Paper For Above instruction
Introduction
Urban areas worldwide face the pressing challenge of traffic congestion, which adversely affects residents' quality of life. Efficient parking management emerges as a pivotal solution to alleviate congestion, reduce travel time, and improve urban mobility. The advent of data analytics and smart technologies provides cities with innovative tools to optimize parking space utilization, leading to smarter, more sustainable urban environments. This paper explores how data-driven analysis, specifically statistical time series modeling and visualization techniques, can inform strategic decisions about implementing a smart parking space app, focusing on a mid-sized city’s initiative to enhance urban living standards.
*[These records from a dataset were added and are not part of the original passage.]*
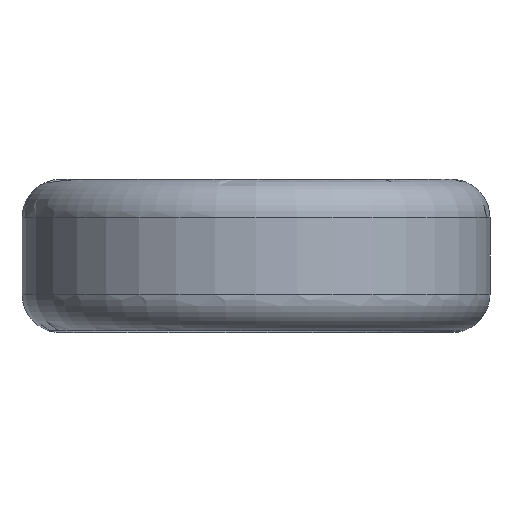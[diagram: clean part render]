
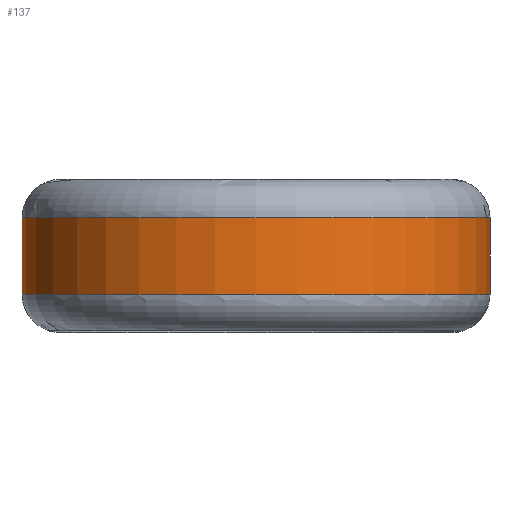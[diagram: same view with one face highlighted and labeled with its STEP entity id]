
A CAD part, left-side view. The second image highlights one B-rep face of the part: STEP entity #137.
In plain terms, the highlighted cylindrical face has radius 30.55 mm (diameter 61.1 mm), a partial arc.
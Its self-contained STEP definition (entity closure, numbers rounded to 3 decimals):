
#21 = EDGE_CURVE('',#22,#24,#26,.T.);
#22 = VERTEX_POINT('',#23);
#23 = CARTESIAN_POINT('',(-54.906,165.55,227.5));
#24 = VERTEX_POINT('',#25);
#25 = CARTESIAN_POINT('',(-54.906,165.55,237.5));
#26 = SURFACE_CURVE('',#27,(#31,#43),.PCURVE_S1.);
#27 = LINE('',#28,#29);
#28 = CARTESIAN_POINT('',(-54.906,165.55,222.5));
#29 = VECTOR('',#30,1.);
#30 = DIRECTION('',(0.,0.,1.));
#31 = PCURVE('',#32,#37);
#32 = PLANE('',#33);
#33 = AXIS2_PLACEMENT_3D('',#34,#35,#36);
#34 = CARTESIAN_POINT('',(-54.906,165.55,222.5));
#35 = DIRECTION('',(0.,1.,0.));
#36 = DIRECTION('',(1.,0.,0.));
#37 = DEFINITIONAL_REPRESENTATION('',(#38),#42);
#38 = LINE('',#39,#40);
#39 = CARTESIAN_POINT('',(0.,0.));
#40 = VECTOR('',#41,1.);
#41 = DIRECTION('',(0.,-1.));
#42 = ( GEOMETRIC_REPRESENTATION_CONTEXT(2) 
PARAMETRIC_REPRESENTATION_CONTEXT() REPRESENTATION_CONTEXT('2D SPACE',''
  ) );
#43 = PCURVE('',#44,#49);
#44 = CYLINDRICAL_SURFACE('',#45,30.55);
#45 = AXIS2_PLACEMENT_3D('',#46,#47,#48);
#46 = CARTESIAN_POINT('',(-54.906,135.,222.5));
#47 = DIRECTION('',(0.,-0.,-1.));
#48 = DIRECTION('',(0.,-1.,0.));
#49 = DEFINITIONAL_REPRESENTATION('',(#50),#54);
#50 = LINE('',#51,#52);
#51 = CARTESIAN_POINT('',(3.142,0.));
#52 = VECTOR('',#53,1.);
#53 = DIRECTION('',(0.,-1.));
#54 = ( GEOMETRIC_REPRESENTATION_CONTEXT(2) 
PARAMETRIC_REPRESENTATION_CONTEXT() REPRESENTATION_CONTEXT('2D SPACE',''
  ) );
#137 = ADVANCED_FACE('',(#138),#44,.T.);
#138 = FACE_BOUND('',#139,.T.);
#139 = EDGE_LOOP('',(#140,#170,#197,#198));
#140 = ORIENTED_EDGE('',*,*,#141,.T.);
#141 = EDGE_CURVE('',#142,#144,#146,.T.);
#142 = VERTEX_POINT('',#143);
#143 = CARTESIAN_POINT('',(-54.906,104.45,227.5));
#144 = VERTEX_POINT('',#145);
#145 = CARTESIAN_POINT('',(-54.906,104.45,237.5));
#146 = SURFACE_CURVE('',#147,(#151,#158),.PCURVE_S1.);
#147 = LINE('',#148,#149);
#148 = CARTESIAN_POINT('',(-54.906,104.45,222.5));
#149 = VECTOR('',#150,1.);
#150 = DIRECTION('',(0.,0.,1.));
#151 = PCURVE('',#44,#152);
#152 = DEFINITIONAL_REPRESENTATION('',(#153),#157);
#153 = LINE('',#154,#155);
#154 = CARTESIAN_POINT('',(0.,0.));
#155 = VECTOR('',#156,1.);
#156 = DIRECTION('',(0.,-1.));
#157 = ( GEOMETRIC_REPRESENTATION_CONTEXT(2) 
PARAMETRIC_REPRESENTATION_CONTEXT() REPRESENTATION_CONTEXT('2D SPACE',''
  ) );
#158 = PCURVE('',#159,#164);
#159 = PLANE('',#160);
#160 = AXIS2_PLACEMENT_3D('',#161,#162,#163);
#161 = CARTESIAN_POINT('',(29.094,104.45,222.5));
#162 = DIRECTION('',(0.,-1.,0.));
#163 = DIRECTION('',(-1.,0.,0.));
#164 = DEFINITIONAL_REPRESENTATION('',(#165),#169);
#165 = LINE('',#166,#167);
#166 = CARTESIAN_POINT('',(84.,0.));
#167 = VECTOR('',#168,1.);
#168 = DIRECTION('',(0.,-1.));
#169 = ( GEOMETRIC_REPRESENTATION_CONTEXT(2) 
PARAMETRIC_REPRESENTATION_CONTEXT() REPRESENTATION_CONTEXT('2D SPACE',''
  ) );
#170 = ORIENTED_EDGE('',*,*,#171,.T.);
#171 = EDGE_CURVE('',#144,#24,#172,.T.);
#172 = SURFACE_CURVE('',#173,(#178,#185),.PCURVE_S1.);
#173 = CIRCLE('',#174,30.55);
#174 = AXIS2_PLACEMENT_3D('',#175,#176,#177);
#175 = CARTESIAN_POINT('',(-54.906,135.,237.5));
#176 = DIRECTION('',(-0.,0.,-1.));
#177 = DIRECTION('',(0.,-1.,-0.));
#178 = PCURVE('',#44,#179);
#179 = DEFINITIONAL_REPRESENTATION('',(#180),#184);
#180 = LINE('',#181,#182);
#181 = CARTESIAN_POINT('',(0.,-15.));
#182 = VECTOR('',#183,1.);
#183 = DIRECTION('',(1.,0.));
#184 = ( GEOMETRIC_REPRESENTATION_CONTEXT(2) 
PARAMETRIC_REPRESENTATION_CONTEXT() REPRESENTATION_CONTEXT('2D SPACE',''
  ) );
#185 = PCURVE('',#186,#191);
#186 = TOROIDAL_SURFACE('',#187,25.55,5.);
#187 = AXIS2_PLACEMENT_3D('',#188,#189,#190);
#188 = CARTESIAN_POINT('',(-54.906,135.,237.5));
#189 = DIRECTION('',(0.,-0.,1.));
#190 = DIRECTION('',(0.,-1.,-0.));
#191 = DEFINITIONAL_REPRESENTATION('',(#192),#196);
#192 = LINE('',#193,#194);
#193 = CARTESIAN_POINT('',(-0.,0.));
#194 = VECTOR('',#195,1.);
#195 = DIRECTION('',(-1.,0.));
#196 = ( GEOMETRIC_REPRESENTATION_CONTEXT(2) 
PARAMETRIC_REPRESENTATION_CONTEXT() REPRESENTATION_CONTEXT('2D SPACE',''
  ) );
#197 = ORIENTED_EDGE('',*,*,#21,.F.);
#198 = ORIENTED_EDGE('',*,*,#199,.F.);
#199 = EDGE_CURVE('',#142,#22,#200,.T.);
#200 = SURFACE_CURVE('',#201,(#206,#213),.PCURVE_S1.);
#201 = CIRCLE('',#202,30.55);
#202 = AXIS2_PLACEMENT_3D('',#203,#204,#205);
#203 = CARTESIAN_POINT('',(-54.906,135.,227.5));
#204 = DIRECTION('',(-0.,0.,-1.));
#205 = DIRECTION('',(0.,-1.,-0.));
#206 = PCURVE('',#44,#207);
#207 = DEFINITIONAL_REPRESENTATION('',(#208),#212);
#208 = LINE('',#209,#210);
#209 = CARTESIAN_POINT('',(0.,-5.));
#210 = VECTOR('',#211,1.);
#211 = DIRECTION('',(1.,0.));
#212 = ( GEOMETRIC_REPRESENTATION_CONTEXT(2) 
PARAMETRIC_REPRESENTATION_CONTEXT() REPRESENTATION_CONTEXT('2D SPACE',''
  ) );
#213 = PCURVE('',#214,#219);
#214 = TOROIDAL_SURFACE('',#215,25.55,5.);
#215 = AXIS2_PLACEMENT_3D('',#216,#217,#218);
#216 = CARTESIAN_POINT('',(-54.906,135.,227.5));
#217 = DIRECTION('',(-0.,0.,-1.));
#218 = DIRECTION('',(0.,-1.,-0.));
#219 = DEFINITIONAL_REPRESENTATION('',(#220),#224);
#220 = LINE('',#221,#222);
#221 = CARTESIAN_POINT('',(0.,0.));
#222 = VECTOR('',#223,1.);
#223 = DIRECTION('',(1.,0.));
#224 = ( GEOMETRIC_REPRESENTATION_CONTEXT(2) 
PARAMETRIC_REPRESENTATION_CONTEXT() REPRESENTATION_CONTEXT('2D SPACE',''
  ) );

Project Rationale and Goals
The primary rationale behind this project is to leverage data analytics to improve parking efficiency, thereby reducing traffic congestion and enhancing residents' mobility and convenience. The city's goal is not revenue maximization but to optimize resource allocation aligned with societal needs. The project aims to analyze occupancy patterns across different parking lots and times, identify trends, and assess whether real-time data can support a dynamic parking information app. Ultimately, the goal is to inform infrastructure investments and operational strategies that foster sustainable urban transportation.
Data Overview and Methodology
The provided dataset includes parking lot identifiers, capacities, current occupancies, timestamps, and days of the week. A key step involves calculating an occupancy rate—percentage of capacity used at each measurement point. Using Excel, new columns were created to compute this rate, which becomes the basis for subsequent analysis.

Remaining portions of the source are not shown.